(Items from a dataset)
====

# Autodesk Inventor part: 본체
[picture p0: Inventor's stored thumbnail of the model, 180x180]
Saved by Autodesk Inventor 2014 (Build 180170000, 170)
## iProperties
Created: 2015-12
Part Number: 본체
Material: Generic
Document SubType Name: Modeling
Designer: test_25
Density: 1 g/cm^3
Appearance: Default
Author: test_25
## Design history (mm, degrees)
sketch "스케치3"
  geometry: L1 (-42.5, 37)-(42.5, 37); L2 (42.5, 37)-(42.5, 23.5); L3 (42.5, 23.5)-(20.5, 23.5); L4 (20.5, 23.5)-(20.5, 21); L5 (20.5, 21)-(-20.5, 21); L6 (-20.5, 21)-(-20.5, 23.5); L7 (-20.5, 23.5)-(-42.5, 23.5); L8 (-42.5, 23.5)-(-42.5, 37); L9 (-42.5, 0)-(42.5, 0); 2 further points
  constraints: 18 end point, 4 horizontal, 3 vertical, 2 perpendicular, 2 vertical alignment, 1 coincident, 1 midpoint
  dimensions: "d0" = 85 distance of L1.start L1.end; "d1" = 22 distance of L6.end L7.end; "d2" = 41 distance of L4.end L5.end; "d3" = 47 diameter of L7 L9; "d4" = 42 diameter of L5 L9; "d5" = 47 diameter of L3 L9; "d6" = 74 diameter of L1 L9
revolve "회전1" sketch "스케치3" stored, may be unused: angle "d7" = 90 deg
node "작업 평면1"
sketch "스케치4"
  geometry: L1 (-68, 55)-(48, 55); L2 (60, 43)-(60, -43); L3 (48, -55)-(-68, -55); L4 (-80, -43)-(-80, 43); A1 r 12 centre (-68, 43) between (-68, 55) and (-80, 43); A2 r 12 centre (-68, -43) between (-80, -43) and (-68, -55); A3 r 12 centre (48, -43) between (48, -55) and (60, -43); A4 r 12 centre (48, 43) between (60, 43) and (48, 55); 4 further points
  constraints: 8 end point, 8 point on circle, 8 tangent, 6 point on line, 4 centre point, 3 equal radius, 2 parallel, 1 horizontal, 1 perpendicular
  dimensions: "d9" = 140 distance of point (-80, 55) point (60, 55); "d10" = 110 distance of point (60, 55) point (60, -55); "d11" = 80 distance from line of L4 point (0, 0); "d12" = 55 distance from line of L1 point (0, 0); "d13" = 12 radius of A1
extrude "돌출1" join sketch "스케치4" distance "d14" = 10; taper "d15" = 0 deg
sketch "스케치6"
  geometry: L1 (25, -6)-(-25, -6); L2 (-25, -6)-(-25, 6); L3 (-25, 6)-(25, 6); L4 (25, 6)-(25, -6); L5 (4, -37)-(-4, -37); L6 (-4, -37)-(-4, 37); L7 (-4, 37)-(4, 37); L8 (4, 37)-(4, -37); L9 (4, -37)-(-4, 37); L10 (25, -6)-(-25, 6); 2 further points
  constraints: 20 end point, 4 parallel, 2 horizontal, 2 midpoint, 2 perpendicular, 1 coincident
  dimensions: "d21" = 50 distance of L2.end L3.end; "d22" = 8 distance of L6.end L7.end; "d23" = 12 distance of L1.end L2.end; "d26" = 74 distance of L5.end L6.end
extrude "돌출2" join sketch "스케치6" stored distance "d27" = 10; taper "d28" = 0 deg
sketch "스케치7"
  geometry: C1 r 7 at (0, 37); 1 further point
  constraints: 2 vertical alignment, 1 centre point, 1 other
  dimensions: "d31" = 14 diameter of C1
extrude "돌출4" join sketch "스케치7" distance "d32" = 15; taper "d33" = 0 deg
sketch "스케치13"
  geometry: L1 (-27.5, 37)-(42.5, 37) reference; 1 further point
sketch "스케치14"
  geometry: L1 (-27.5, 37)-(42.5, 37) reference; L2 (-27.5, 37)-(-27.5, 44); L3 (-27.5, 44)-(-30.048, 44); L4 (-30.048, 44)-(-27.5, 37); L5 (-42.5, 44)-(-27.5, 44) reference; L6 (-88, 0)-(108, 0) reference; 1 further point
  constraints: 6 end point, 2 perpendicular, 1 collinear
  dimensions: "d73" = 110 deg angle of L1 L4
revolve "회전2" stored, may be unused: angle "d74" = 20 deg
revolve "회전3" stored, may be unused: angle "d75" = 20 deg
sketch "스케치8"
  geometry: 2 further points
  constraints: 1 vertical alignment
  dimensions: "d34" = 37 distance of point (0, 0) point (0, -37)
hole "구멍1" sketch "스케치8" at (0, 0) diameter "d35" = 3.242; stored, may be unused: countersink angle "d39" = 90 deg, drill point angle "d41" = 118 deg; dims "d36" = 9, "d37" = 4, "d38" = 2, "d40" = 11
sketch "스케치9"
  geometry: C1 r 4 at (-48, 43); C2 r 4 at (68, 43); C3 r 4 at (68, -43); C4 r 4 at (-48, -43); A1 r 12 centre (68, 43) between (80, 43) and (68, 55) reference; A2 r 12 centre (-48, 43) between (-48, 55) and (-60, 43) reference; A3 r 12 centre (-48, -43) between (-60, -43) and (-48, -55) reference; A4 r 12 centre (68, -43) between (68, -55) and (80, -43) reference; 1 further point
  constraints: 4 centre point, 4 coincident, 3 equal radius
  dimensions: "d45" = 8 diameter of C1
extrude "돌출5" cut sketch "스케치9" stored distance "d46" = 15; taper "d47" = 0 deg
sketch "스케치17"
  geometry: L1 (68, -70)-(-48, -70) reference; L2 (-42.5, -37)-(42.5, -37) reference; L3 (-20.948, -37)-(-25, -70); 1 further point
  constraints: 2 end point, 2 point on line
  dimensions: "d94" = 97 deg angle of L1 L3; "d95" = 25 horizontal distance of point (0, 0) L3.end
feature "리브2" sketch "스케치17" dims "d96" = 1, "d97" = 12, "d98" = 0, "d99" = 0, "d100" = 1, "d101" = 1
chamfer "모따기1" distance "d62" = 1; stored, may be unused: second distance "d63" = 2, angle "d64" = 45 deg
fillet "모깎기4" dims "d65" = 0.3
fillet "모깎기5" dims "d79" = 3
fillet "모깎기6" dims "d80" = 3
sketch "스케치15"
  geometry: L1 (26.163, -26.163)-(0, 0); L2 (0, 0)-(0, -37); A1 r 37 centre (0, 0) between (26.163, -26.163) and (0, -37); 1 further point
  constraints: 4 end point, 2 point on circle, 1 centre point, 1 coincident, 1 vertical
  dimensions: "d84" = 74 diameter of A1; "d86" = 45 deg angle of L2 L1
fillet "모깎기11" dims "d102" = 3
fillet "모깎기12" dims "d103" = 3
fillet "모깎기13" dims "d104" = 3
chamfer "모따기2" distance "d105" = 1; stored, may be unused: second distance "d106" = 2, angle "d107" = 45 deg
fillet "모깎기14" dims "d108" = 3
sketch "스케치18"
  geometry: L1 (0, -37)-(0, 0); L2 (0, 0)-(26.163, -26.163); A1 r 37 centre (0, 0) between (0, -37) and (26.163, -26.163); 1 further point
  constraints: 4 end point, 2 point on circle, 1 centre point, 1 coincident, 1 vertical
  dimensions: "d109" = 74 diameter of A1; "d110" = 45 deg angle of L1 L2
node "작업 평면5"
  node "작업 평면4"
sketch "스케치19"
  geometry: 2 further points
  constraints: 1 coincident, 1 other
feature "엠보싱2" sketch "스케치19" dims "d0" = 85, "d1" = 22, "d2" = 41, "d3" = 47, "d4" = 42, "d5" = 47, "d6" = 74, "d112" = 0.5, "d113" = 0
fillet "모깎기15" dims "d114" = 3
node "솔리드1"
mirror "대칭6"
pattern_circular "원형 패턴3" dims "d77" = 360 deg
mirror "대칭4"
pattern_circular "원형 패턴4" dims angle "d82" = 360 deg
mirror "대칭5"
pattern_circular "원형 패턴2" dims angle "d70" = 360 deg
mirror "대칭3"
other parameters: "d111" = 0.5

====

■ ASSIGNMENT
Scan the records above for the word "equal". Copy each line that has it.

■ EXERCISE RESULT
  constraints: 8 end point, 8 point on circle, 8 tangent, 6 point on line, 4 centre point, 3 equal radius, 2 parallel, 1 horizontal, 1 perpendicular
  constraints: 4 centre point, 4 coincident, 3 equal radius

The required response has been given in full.